---------- GIVEN INFORMATION

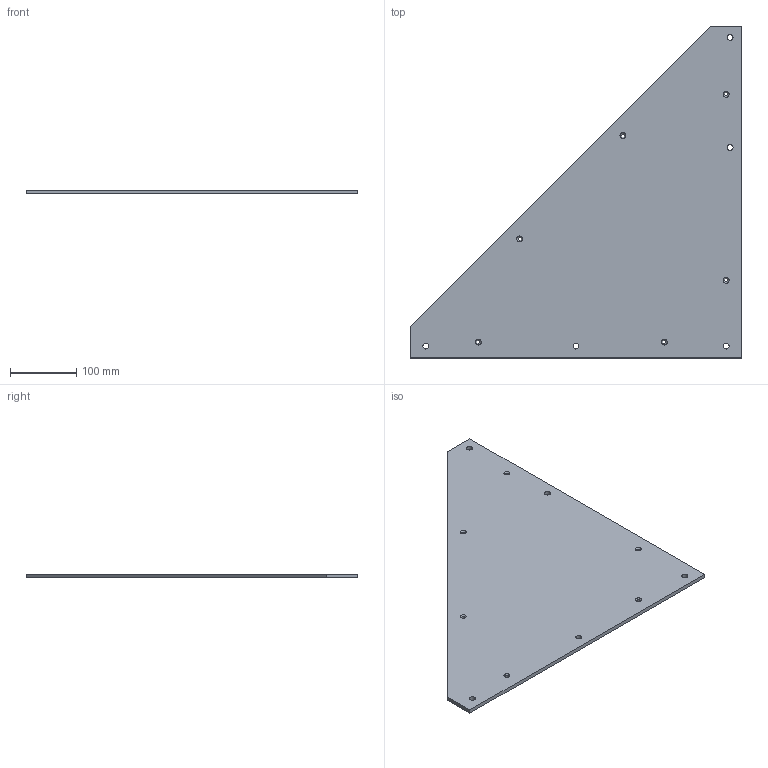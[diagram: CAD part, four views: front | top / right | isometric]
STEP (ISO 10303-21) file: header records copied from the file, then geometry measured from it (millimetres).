
FILE_DESCRIPTION (( 'STEP AP203' ), '1' );
FILE_NAME ('Base_Coté.STEP', '2026-06-24T07:29:49', ( '' ), ( '' ), 'SwSTEP 2.0', 'SolidWorks 2024', '' );
FILE_SCHEMA (( 'CONFIG_CONTROL_DESIGN' ));
Length unit declared in the file: millimetre
Products named in the file (1): Base_Coté_Gauche
Bounding box: 500 x 500 x 6 mm (x, y, z)
Volume: 884233.9 mm3; surface area: 306570.1 mm2
Topology: 1 solids, 1 shells, 24 faces, 66 edges, 44 vertices
Faces by surface type: cylinder 11, plane 7, cone 6
Full cylindrical faces by diameter (mm): 5 x6, 9 x5
Entity records: 758 total; most frequent: DIRECTION 121, CARTESIAN_POINT 106, ORIENTED_EDGE 86, EDGE_LOOP 63, AXIS2_PLACEMENT_3D 53, EDGE_CURVE 43, VERTEX_POINT 38, FACE_OUTER_BOUND 35

--------------------

→ TO DO:
Repeat all of the material above exactly, leaving out pictures.

→ TASK SOLUTION:
[diagram: CAD part, four views: front | top / right | isometric]
STEP (ISO 10303-21) file: header records copied from the file, then geometry measured from it (millimetres).
FILE_DESCRIPTION (( 'STEP AP203' ), '1' );
FILE_NAME ('Base_Coté.STEP', '2026-06-24T07:29:49', ( '' ), ( '' ), 'SwSTEP 2.0', 'SolidWorks 2024', '' );
FILE_SCHEMA (( 'CONFIG_CONTROL_DESIGN' ));
Length unit declared in the file: millimetre
Products named in the file (1): Base_Coté_Gauche
Bounding box: 500 x 500 x 6 mm (x, y, z)
Volume: 884233.9 mm3; surface area: 306570.1 mm2
Topology: 1 solids, 1 shells, 24 faces, 66 edges, 44 vertices
Faces by surface type: cylinder 11, plane 7, cone 6
Full cylindrical faces by diameter (mm): 5 x6, 9 x5
Entity records: 758 total; most frequent: DIRECTION 121, CARTESIAN_POINT 106, ORIENTED_EDGE 86, EDGE_LOOP 63, AXIS2_PLACEMENT_3D 53, EDGE_CURVE 43, VERTEX_POINT 38, FACE_OUTER_BOUND 35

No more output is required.